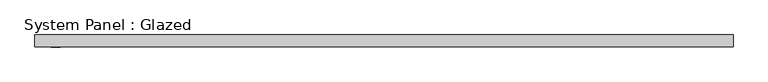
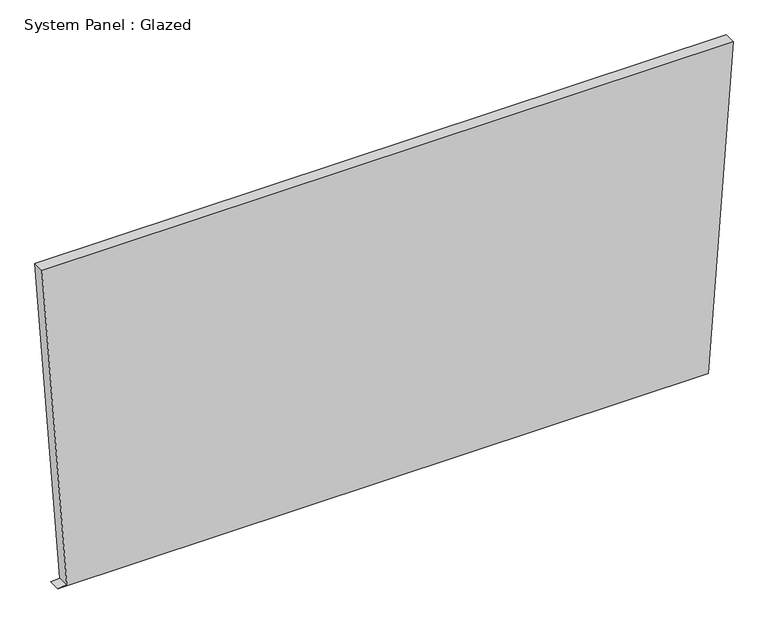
"""IFC4 building model written with IfcOpenShell, lengths in millimetres: plate geometry, System Panel : Glazed."""

import ifcopenshell
import ifcopenshell.guid

model = None  # the IFC model being written
_history = None  # IfcOwnerHistory: only IFC2X3 demands one
_inside = {}  # id of a spatial element -> (the spatial element, [elements in it])
_under = {}  # id of a project, library or spatial element -> (it, [spatial elements below it])
_declared = {}  # id of a project -> (the project, [libraries it declares])
_typed = {}  # id of a type object -> (the type object, [elements of that type])
_made_of = {}  # id of a material, layer set ... -> (it, [elements and type objects made of it])


def new_model(schema):
    """Start an empty IFC model of exactly this schema.

    Asked for "IFC4X3", IfcOpenShell would pick the latest addendum, in which some entities
    have other attributes; the version numbers below select the first issue.
    IFC2X3 requires an IfcOwnerHistory on every rooted entity: one is made here for all.
    """
    global model, _history
    if schema == "IFC4X3":
        model = ifcopenshell.file(schema_version=(4, 3, 0, 0))
    else:
        model = ifcopenshell.file(schema=schema)
    _inside.clear()
    _under.clear()
    _declared.clear()
    _typed.clear()
    _made_of.clear()
    _history = None
    if model.schema == "IFC2X3":
        org = make("IfcOrganization", Name="unknown")
        user = make(
            "IfcPersonAndOrganization",
            ThePerson=make("IfcPerson", FamilyName="unknown"),
            TheOrganization=org,
        )
        app = make(
            "IfcApplication",
            ApplicationDeveloper=org,
            Version="unknown",
            ApplicationFullName="unknown",
            ApplicationIdentifier="unknown",
        )
        _history = make(
            "IfcOwnerHistory",
            OwningUser=user,
            OwningApplication=app,
            ChangeAction="ADDED",
            CreationDate=0,
        )
    return model


def make(cls, **values):
    """One entity of the class cls with the attributes given. An attribute that is None is left unset."""
    return model.create_entity(
        cls, **{name: value for name, value in values.items() if value is not None}
    )


def rooted(cls, **values):
    """An entity with a GlobalId (a new one), such as an element, a storey or a relation."""
    return make(cls, GlobalId=ifcopenshell.guid.new(), OwnerHistory=_history, **values)


def si_unit(unit_type, name, prefix=None):
    """IfcSIUnit, for example si_unit("LENGTHUNIT", "METRE", prefix="MILLI")."""
    return make("IfcSIUnit", UnitType=unit_type, Prefix=prefix, Name=name)


def assignment(units):
    """IfcUnitAssignment: the units of a project."""
    return None if units is None else make("IfcUnitAssignment", Units=units)


def point(xyz):
    """IfcCartesianPoint."""
    return None if xyz is None else make("IfcCartesianPoint", Coordinates=xyz)


def direction(xyz):
    """IfcDirection."""
    return None if xyz is None else make("IfcDirection", DirectionRatios=xyz)


def frame(location, z_axis=None, x_axis=None):
    """IfcAxis2Placement3D, a coordinate frame: its origin and axes. An axis left out is left unset."""
    return make(
        "IfcAxis2Placement3D",
        Location=point(location),
        Axis=direction(z_axis),
        RefDirection=direction(x_axis),
    )


def origin():
    """The frame at (0, 0, 0) with its axes left unset."""
    return frame((0.0, 0.0, 0.0))


def place(relative_to, where):
    """IfcLocalPlacement: puts the frame where relative to a parent placement (None: the world)."""
    return make(
        "IfcLocalPlacement", PlacementRelTo=relative_to, RelativePlacement=where
    )


def context(
    kind, dimensions, precision=None, world=None, true_north=None, identifier=None
):
    """IfcGeometricRepresentationContext, for example the 3D "Model" context."""
    return make(
        "IfcGeometricRepresentationContext",
        ContextIdentifier=identifier,
        ContextType=kind,
        CoordinateSpaceDimension=dimensions,
        Precision=precision,
        WorldCoordinateSystem=world,
        TrueNorth=true_north,
    )


def project(units=None, contexts=None):
    """IfcProject with its units and contexts."""
    return rooted(
        "IfcProject",
        Name="project",
        RepresentationContexts=contexts,
        UnitsInContext=assignment(units),
    )


def spatial(cls, under=None, at=None, **own):
    """A site, building, storey or space (cls), placed at a placement, below another one or the project."""
    s = rooted(cls, ObjectPlacement=at, **own)
    if under is not None:
        _under.setdefault(under.id(), (under, []))[1].append(s)
    return s


def polyline(points):
    """IfcPolyline through the points."""
    return make("IfcPolyline", Points=[point(p) for p in points])


def outline(outer, holes=None, kind="AREA"):
    """IfcArbitraryClosedProfileDef: a profile drawn as a closed curve; with holes, ...WithVoids."""
    if holes is None:
        return make("IfcArbitraryClosedProfileDef", ProfileType=kind, OuterCurve=outer)
    return make(
        "IfcArbitraryProfileDefWithVoids",
        ProfileType=kind,
        OuterCurve=outer,
        InnerCurves=holes,
    )


def extrude(swept, where, along, depth):
    """IfcExtrudedAreaSolid: the profile swept, set in the frame where, extruded along a direction by depth."""
    return make(
        "IfcExtrudedAreaSolid",
        SweptArea=swept,
        Position=where,
        ExtrudedDirection=direction(along),
        Depth=depth,
    )


def shape(context_of_items, identifier, shape_type, items):
    """IfcShapeRepresentation: the items that make up one representation, for example the "Body"."""
    return make(
        "IfcShapeRepresentation",
        ContextOfItems=context_of_items,
        RepresentationIdentifier=identifier,
        RepresentationType=shape_type,
        Items=items,
    )


def source(mapping_origin, context_of_items, identifier, shape_type, items):
    """IfcRepresentationMap: a shape defined once, which mapped items show again and again."""
    return make(
        "IfcRepresentationMap",
        MappingOrigin=mapping_origin,
        MappedRepresentation=shape(context_of_items, identifier, shape_type, items),
    )


def transform(
    local_origin,
    x_axis=None,
    y_axis=None,
    z_axis=None,
    scale=None,
    scale2=None,
    scale3=None,
    uniform=True,
):
    """IfcCartesianTransformationOperator3D, or its non-uniform kind. x_axis, y_axis, z_axis: its Axis1, 2, 3."""
    if uniform:
        return make(
            "IfcCartesianTransformationOperator3D",
            Axis1=direction(x_axis),
            Axis2=direction(y_axis),
            LocalOrigin=point(local_origin),
            Scale=scale,
            Axis3=direction(z_axis),
        )
    return make(
        "IfcCartesianTransformationOperator3DnonUniform",
        Axis1=direction(x_axis),
        Axis2=direction(y_axis),
        LocalOrigin=point(local_origin),
        Scale=scale,
        Axis3=direction(z_axis),
        Scale2=scale2,
        Scale3=scale3,
    )


def mapped(mapping_source, mapping_target):
    """IfcMappedItem: shows the shape of a source again, moved by a transform."""
    return make(
        "IfcMappedItem", MappingSource=mapping_source, MappingTarget=mapping_target
    )


def made_of(thing, what):
    """Note that an element or type object is made of a material, layer set ...; save() writes the relation."""
    if what is not None:
        _made_of.setdefault(what.id(), (what, []))[1].append(thing)
    return thing


def element(
    cls,
    number,
    at=None,
    inside=None,
    cuts=None,
    type_object=None,
    material=None,
    context=None,
    identifier="Body",
    shape_type=None,
    held_by="IfcProductDefinitionShape",
    body=None,
    shapes=None,
    **own,
):
    """One element of the class cls, such as IfcWall. Its Tag is "e" and its number.

    at: its placement. inside: the storey or other place that contains it. cuts: it is an
    opening in that element (IfcRelVoidsElement). A single representation is given by context,
    identifier, shape_type and body (its items); several are given by shapes. held_by: the class
    of the entity that holds the representations. save() writes the other relations.
    """
    e = rooted(cls, Tag="e%d" % number, ObjectPlacement=at, **own)
    if body is not None:
        shapes = [shape(context, identifier, shape_type, body)]
    if shapes is not None:
        e.Representation = make(held_by, Representations=shapes)
    if inside is not None:
        _inside.setdefault(inside.id(), (inside, []))[1].append(e)
    if cuts is not None:
        rooted(
            "IfcRelVoidsElement", RelatingBuildingElement=cuts, RelatedOpeningElement=e
        )
    if type_object is not None:
        _typed.setdefault(type_object.id(), (type_object, []))[1].append(e)
    return made_of(e, material)


def aggregate(whole, parts):
    """IfcRelAggregates: a whole, such as a stair, and the parts it consists of."""
    return rooted("IfcRelAggregates", RelatingObject=whole, RelatedObjects=parts)


def save(model, path):
    """Write the relations noted so far, then the file.

    IfcRelAggregates (storeys below a building ...), IfcRelContainedInSpatialStructure (elements
    in a storey), IfcRelDefinesByType, IfcRelAssociatesMaterial and IfcRelDeclares: one each for
    every whole, place, type object, material and project.
    """
    for whole, parts in _under.values():
        aggregate(whole, parts)
    for where, things in _inside.values():
        rooted(
            "IfcRelContainedInSpatialStructure",
            RelatedElements=things,
            RelatingStructure=where,
        )
    for kind, things in _typed.values():
        rooted("IfcRelDefinesByType", RelatedObjects=things, RelatingType=kind)
    for what, things in _made_of.values():
        rooted("IfcRelAssociatesMaterial", RelatedObjects=things, RelatingMaterial=what)
    for by, libraries in _declared.values():
        rooted("IfcRelDeclares", RelatingContext=by, RelatedDefinitions=libraries)
    model.write(path)


def system_panel_glazed_ad4a3e8e(model_context):
    return source(origin(), model_context, "Body", "SweptSolid", [
        extrude(outline(polyline([(0.0005851, -700.1401839), (0.0, 681.0396794), (726.5244245, 733.9789335), (726.5250328, -733.9789335), (1.3850205, -681.1405566), (0.0005851, -700.1401839)])), frame((0.0, 19.05, 0.0), z_axis=(0.0, 1.0, 0.0), x_axis=(0.0, 0.0, 1.0)), (0.0, 0.0, 1.0), 25.4),
    ])


if __name__ == "__main__":
    model = new_model("IFC4")
    model_context = context("Model", 3, world=origin())
    ifc_project = project(units=[si_unit("LENGTHUNIT", "METRE", prefix="MILLI")], contexts=[model_context])
    site = spatial("IfcSite", under=ifc_project)
    building = spatial("IfcBuilding", under=site)
    placement = place(None, origin())
    system_panel_glazed_shape = system_panel_glazed_ad4a3e8e(model_context)
    element("IfcPlate", 1, ObjectType="System Panel : Glazed", at=placement, inside=building, context=model_context, shape_type="MappedRepresentation", body=[
        mapped(system_panel_glazed_shape, transform((0.0, 0.0, 0.0), x_axis=(1.0, 0.0, 0.0), y_axis=(0.0, 1.0, 0.0), z_axis=(0.0, 0.0, 1.0))),
    ])
    save(model, "model.ifc")

——

=== INSTRUCTIONS TO FOLLOW ===
Find the lines of the material that contain the word "dimensions" and report only how many there are.

=== EXERCISE OUTPUT ===
2